Have a look at the generated SQL in the console window to check if the query is parameterized properly:
SELECT [d].[Id]
FROM [Data] AS [d]
WHERE [d].[Id] IN (1, 2, 3, 4, 5, 6, 7, 8, 9, 10, 11, 12, 13, 14, 15, 16, 17, 18, 19, 20, 21, 22, 23, 24, 25)
Sadly, as you can see, this is not the case. An "IN" statement with hardcoded values is generated instead. This also means that for each combination of values, a unique query is generated, causing a new entry in the SQL Server plan cache.
Diego Vega, former member of the EF Core team, looked into this issue some time ago, and created an extension method to rewrite the parameter for EF Core 2. Due to changes in EF Core, this stopped working in EF Core 3 (fixed values were generated).
With the help from a very smart colleague, I have managed to rewrite the In extension method to work properly with EF Core 3, see the Gist below.

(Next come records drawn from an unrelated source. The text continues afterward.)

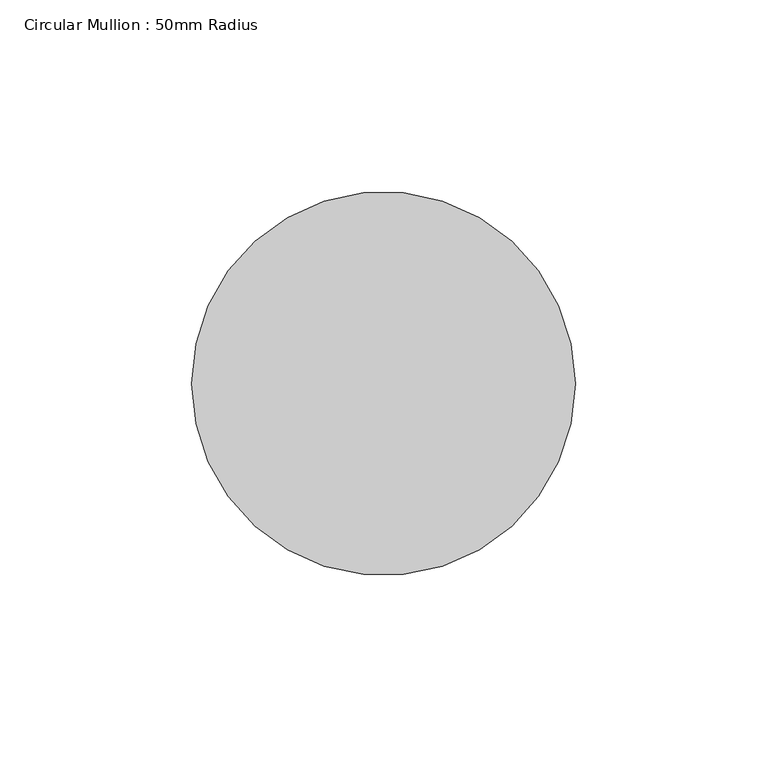
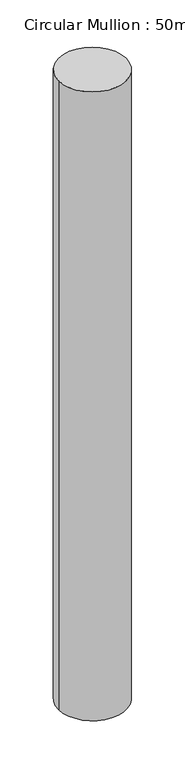
"""IFC4 building model written with IfcOpenShell, lengths in millimetres: member geometry, Circular Mullion : 50mm Radius."""

import ifcopenshell
import ifcopenshell.guid

model = None  # the IFC model being written
_history = None  # IfcOwnerHistory: only IFC2X3 demands one
_inside = {}  # id of a spatial element -> (the spatial element, [elements in it])
_under = {}  # id of a project, library or spatial element -> (it, [spatial elements below it])
_declared = {}  # id of a project -> (the project, [libraries it declares])
_typed = {}  # id of a type object -> (the type object, [elements of that type])
_made_of = {}  # id of a material, layer set ... -> (it, [elements and type objects made of it])


def new_model(schema):
    """Start an empty IFC model of exactly this schema.

    Asked for "IFC4X3", IfcOpenShell would pick the latest addendum, in which some entities
    have other attributes; the version numbers below select the first issue.
    IFC2X3 requires an IfcOwnerHistory on every rooted entity: one is made here for all.
    """
    global model, _history
    if schema == "IFC4X3":
        model = ifcopenshell.file(schema_version=(4, 3, 0, 0))
    else:
        model = ifcopenshell.file(schema=schema)
    _inside.clear()
    _under.clear()
    _declared.clear()
    _typed.clear()
    _made_of.clear()
    _history = None
    if model.schema == "IFC2X3":
        org = make("IfcOrganization", Name="unknown")
        user = make(
            "IfcPersonAndOrganization",
            ThePerson=make("IfcPerson", FamilyName="unknown"),
            TheOrganization=org,
        )
        app = make(
            "IfcApplication",
            ApplicationDeveloper=org,
            Version="unknown",
            ApplicationFullName="unknown",
            ApplicationIdentifier="unknown",
        )
        _history = make(
            "IfcOwnerHistory",
            OwningUser=user,
            OwningApplication=app,
            ChangeAction="ADDED",
            CreationDate=0,
        )
    return model


def make(cls, **values):
    """One entity of the class cls with the attributes given. An attribute that is None is left unset."""
    return model.create_entity(
        cls, **{name: value for name, value in values.items() if value is not None}
    )


def rooted(cls, **values):
    """An entity with a GlobalId (a new one), such as an element, a storey or a relation."""
    return make(cls, GlobalId=ifcopenshell.guid.new(), OwnerHistory=_history, **values)


def si_unit(unit_type, name, prefix=None):
    """IfcSIUnit, for example si_unit("LENGTHUNIT", "METRE", prefix="MILLI")."""
    return make("IfcSIUnit", UnitType=unit_type, Prefix=prefix, Name=name)


def assignment(units):
    """IfcUnitAssignment: the units of a project."""
    return None if units is None else make("IfcUnitAssignment", Units=units)


def point(xyz):
    """IfcCartesianPoint."""
    return None if xyz is None else make("IfcCartesianPoint", Coordinates=xyz)


def direction(xyz):
    """IfcDirection."""
    return None if xyz is None else make("IfcDirection", DirectionRatios=xyz)


def frame(location, z_axis=None, x_axis=None):
    """IfcAxis2Placement3D, a coordinate frame: its origin and axes. An axis left out is left unset."""
    return make(
        "IfcAxis2Placement3D",
        Location=point(location),
        Axis=direction(z_axis),
        RefDirection=direction(x_axis),
    )


def frame_2d(location, x_axis=None):
    """IfcAxis2Placement2D, a coordinate frame in the plane: its origin and x axis."""
    return make(
        "IfcAxis2Placement2D", Location=point(location), RefDirection=direction(x_axis)
    )


def origin():
    """The frame at (0, 0, 0) with its axes left unset."""
    return frame((0.0, 0.0, 0.0))


def origin_2d():
    """The frame at (0, 0) in the plane with its x axis left unset."""
    return frame_2d((0.0, 0.0))


def place(relative_to, where):
    """IfcLocalPlacement: puts the frame where relative to a parent placement (None: the world)."""
    return make(
        "IfcLocalPlacement", PlacementRelTo=relative_to, RelativePlacement=where
    )


def context(
    kind, dimensions, precision=None, world=None, true_north=None, identifier=None
):
    """IfcGeometricRepresentationContext, for example the 3D "Model" context."""
    return make(
        "IfcGeometricRepresentationContext",
        ContextIdentifier=identifier,
        ContextType=kind,
        CoordinateSpaceDimension=dimensions,
        Precision=precision,
        WorldCoordinateSystem=world,
        TrueNorth=true_north,
    )


def project(units=None, contexts=None):
    """IfcProject with its units and contexts."""
    return rooted(
        "IfcProject",
        Name="project",
        RepresentationContexts=contexts,
        UnitsInContext=assignment(units),
    )


def spatial(cls, under=None, at=None, **own):
    """A site, building, storey or space (cls), placed at a placement, below another one or the project."""
    s = rooted(cls, ObjectPlacement=at, **own)
    if under is not None:
        _under.setdefault(under.id(), (under, []))[1].append(s)
    return s


def circle_curve(where, radius):
    """IfcCircle in the frame where."""
    return make("IfcCircle", Position=where, Radius=radius)


def trimmed(basis, trim1, trim2, sense, master):
    """IfcTrimmedCurve: the piece of a basis curve between two trims."""
    return make(
        "IfcTrimmedCurve",
        BasisCurve=basis,
        Trim1=trim1,
        Trim2=trim2,
        SenseAgreement=sense,
        MasterRepresentation=master,
    )


def segment(curve, same_sense, transition):
    """IfcCompositeCurveSegment."""
    return make(
        "IfcCompositeCurveSegment",
        Transition=transition,
        SameSense=same_sense,
        ParentCurve=curve,
    )


def composite_curve(segments, self_intersect=None):
    """IfcCompositeCurve: segments joined end to end."""
    return make("IfcCompositeCurve", Segments=segments, SelfIntersect=self_intersect)


def outline(outer, holes=None, kind="AREA"):
    """IfcArbitraryClosedProfileDef: a profile drawn as a closed curve; with holes, ...WithVoids."""
    if holes is None:
        return make("IfcArbitraryClosedProfileDef", ProfileType=kind, OuterCurve=outer)
    return make(
        "IfcArbitraryProfileDefWithVoids",
        ProfileType=kind,
        OuterCurve=outer,
        InnerCurves=holes,
    )


def extrude(swept, where, along, depth):
    """IfcExtrudedAreaSolid: the profile swept, set in the frame where, extruded along a direction by depth."""
    return make(
        "IfcExtrudedAreaSolid",
        SweptArea=swept,
        Position=where,
        ExtrudedDirection=direction(along),
        Depth=depth,
    )


def shape(context_of_items, identifier, shape_type, items):
    """IfcShapeRepresentation: the items that make up one representation, for example the "Body"."""
    return make(
        "IfcShapeRepresentation",
        ContextOfItems=context_of_items,
        RepresentationIdentifier=identifier,
        RepresentationType=shape_type,
        Items=items,
    )


def source(mapping_origin, context_of_items, identifier, shape_type, items):
    """IfcRepresentationMap: a shape defined once, which mapped items show again and again."""
    return make(
        "IfcRepresentationMap",
        MappingOrigin=mapping_origin,
        MappedRepresentation=shape(context_of_items, identifier, shape_type, items),
    )


def transform(
    local_origin,
    x_axis=None,
    y_axis=None,
    z_axis=None,
    scale=None,
    scale2=None,
    scale3=None,
    uniform=True,
):
    """IfcCartesianTransformationOperator3D, or its non-uniform kind. x_axis, y_axis, z_axis: its Axis1, 2, 3."""
    if uniform:
        return make(
            "IfcCartesianTransformationOperator3D",
            Axis1=direction(x_axis),
            Axis2=direction(y_axis),
            LocalOrigin=point(local_origin),
            Scale=scale,
            Axis3=direction(z_axis),
        )
    return make(
        "IfcCartesianTransformationOperator3DnonUniform",
        Axis1=direction(x_axis),
        Axis2=direction(y_axis),
        LocalOrigin=point(local_origin),
        Scale=scale,
        Axis3=direction(z_axis),
        Scale2=scale2,
        Scale3=scale3,
    )


def mapped(mapping_source, mapping_target):
    """IfcMappedItem: shows the shape of a source again, moved by a transform."""
    return make(
        "IfcMappedItem", MappingSource=mapping_source, MappingTarget=mapping_target
    )


def made_of(thing, what):
    """Note that an element or type object is made of a material, layer set ...; save() writes the relation."""
    if what is not None:
        _made_of.setdefault(what.id(), (what, []))[1].append(thing)
    return thing


def element(
    cls,
    number,
    at=None,
    inside=None,
    cuts=None,
    type_object=None,
    material=None,
    context=None,
    identifier="Body",
    shape_type=None,
    held_by="IfcProductDefinitionShape",
    body=None,
    shapes=None,
    **own,
):
    """One element of the class cls, such as IfcWall. Its Tag is "e" and its number.

    at: its placement. inside: the storey or other place that contains it. cuts: it is an
    opening in that element (IfcRelVoidsElement). A single representation is given by context,
    identifier, shape_type and body (its items); several are given by shapes. held_by: the class
    of the entity that holds the representations. save() writes the other relations.
    """
    e = rooted(cls, Tag="e%d" % number, ObjectPlacement=at, **own)
    if body is not None:
        shapes = [shape(context, identifier, shape_type, body)]
    if shapes is not None:
        e.Representation = make(held_by, Representations=shapes)
    if inside is not None:
        _inside.setdefault(inside.id(), (inside, []))[1].append(e)
    if cuts is not None:
        rooted(
            "IfcRelVoidsElement", RelatingBuildingElement=cuts, RelatedOpeningElement=e
        )
    if type_object is not None:
        _typed.setdefault(type_object.id(), (type_object, []))[1].append(e)
    return made_of(e, material)


def aggregate(whole, parts):
    """IfcRelAggregates: a whole, such as a stair, and the parts it consists of."""
    return rooted("IfcRelAggregates", RelatingObject=whole, RelatedObjects=parts)


def save(model, path):
    """Write the relations noted so far, then the file.

    IfcRelAggregates (storeys below a building ...), IfcRelContainedInSpatialStructure (elements
    in a storey), IfcRelDefinesByType, IfcRelAssociatesMaterial and IfcRelDeclares: one each for
    every whole, place, type object, material and project.
    """
    for whole, parts in _under.values():
        aggregate(whole, parts)
    for where, things in _inside.values():
        rooted(
            "IfcRelContainedInSpatialStructure",
            RelatedElements=things,
            RelatingStructure=where,
        )
    for kind, things in _typed.values():
        rooted("IfcRelDefinesByType", RelatedObjects=things, RelatingType=kind)
    for what, things in _made_of.values():
        rooted("IfcRelAssociatesMaterial", RelatedObjects=things, RelatingMaterial=what)
    for by, libraries in _declared.values():
        rooted("IfcRelDeclares", RelatingContext=by, RelatedDefinitions=libraries)
    model.write(path)


def circular_mullion_50mm_radius_07cc004d(model_context):
    return source(origin(), model_context, "Body", "SweptSolid", [
        extrude(outline(composite_curve([segment(trimmed(circle_curve(origin_2d(), 50.0), [point((50.0, 0.0))], [point((-50.0, 0.0))], False, "CARTESIAN"), True, "CONTINUOUS"), segment(trimmed(circle_curve(origin_2d(), 50.0), [point((-50.0, 0.0))], [point((50.0, 0.0))], False, "CARTESIAN"), True, "CONTINUOUS")], self_intersect=False)), frame((0.0, 0.0, -983.7587033), z_axis=(0.0, 0.0, 1.0), x_axis=(1.0, 0.0, 0.0)), (0.0, 0.0, 1.0), 983.7587033),
    ])


if __name__ == "__main__":
    model = new_model("IFC4")
    model_context = context("Model", 3, world=origin())
    ifc_project = project(units=[si_unit("LENGTHUNIT", "METRE", prefix="MILLI")], contexts=[model_context])
    site = spatial("IfcSite", under=ifc_project)
    building = spatial("IfcBuilding", under=site)
    placement = place(None, origin())
    circular_mullion_50mm_radius_shape = circular_mullion_50mm_radius_07cc004d(model_context)
    element("IfcMember", 1, ObjectType="Circular Mullion : 50mm Radius", at=placement, inside=building, context=model_context, shape_type="MappedRepresentation", body=[
        mapped(circular_mullion_50mm_radius_shape, transform((0.0, 0.0, 0.0), x_axis=(1.0, 0.0, 0.0), y_axis=(0.0, 1.0, 0.0), z_axis=(0.0, 0.0, 1.0))),
    ])
    save(model, "model.ifc")

# Revit data of these elements
# Type "Circular Mullion : 50mm Radius"
#   built-in parameter 1007350 = 0.164042 (stored number, unit not read)
# Element 1 (IfcMember, "Circular Mullion : 50mm Radius")
#   Materials on its faces: "Aluminium"
# Materials
#   "Aluminium": class "Metal", colour RGB 247 247 247, transparency 0, Description = "Aluminium 6061", Cost = 0

So if you add the extension method to the test project, the test query can be changed to this:
var result = db.Data
.In(values, d => d.Id)
.ToList();
And the generated SQL looks like this:
SELECT [d].[Id]
FROM [Data] AS [d]
WHERE ((((([d].[Id] = @__v_0) OR ([d].[Id] = @__v_1)) OR (([d].[Id] = @__v_2) OR ([d].[Id] = @__v_3))) OR ((([d].[Id] = @__v_4) OR ([d].[Id] = @__v_5)) OR (([d].[Id] = @__v_6) OR ([d].[Id] = @__v_7)))) OR (((([d].[Id] = @__v_8) OR ([d].[Id] = @__v_9)) OR (([d].[Id] = @__v_10) OR ([d].[Id] = @__v_11))) OR ((([d].[Id] = @__v_12) OR ([d].[Id] = @__v_13)) OR (([d].[Id] = @__v_14) OR ([d].[Id] = @__v_15))))) OR ((((([d].[Id] = @__v_16) OR ([d].[Id] = @__v_17)) OR (([d].[Id] = @__v_18) OR ([d].[Id] = @__v_19))) OR ((([d].[Id] = @__v_20) OR ([d].[Id] = @__v_21)) OR (([d].[Id] = @__v_22) OR ([d].[Id] = @__v_23)))) OR (((([d].[Id] = @__v_24) OR ([d].[Id] = @__v_25)) OR (([d].[Id] = @__v_26) OR ([d].[Id] = @__v_27))) OR ((([d].[Id] = @__v_28) OR ([d].[Id] = @__v_29)) OR (([d].[Id] = @__v_30) OR ([d].[Id] = @__v_31)))))
You may ask: But if the number of parameters changes, will that not cause individual plans, and some degree of cache pollution anyway?
Yes, so the In method "pads" the parameters - they are put into buckets of size 1, 2, 4, 8, 16, 32, 64, 128, 256, 512, 1024 and 2048. So for any given query, you will create a maximum of 12 plans. 2048 is the maximum number of parameters supported by SQL Server from ADO.NET and if you have more values than that, it will be up to you to split them in buckets of 2048 each.
The Gist for the extension method
Hope you find this useful, and it will help you create better and more scalable solutions with EF Core and SQL Server.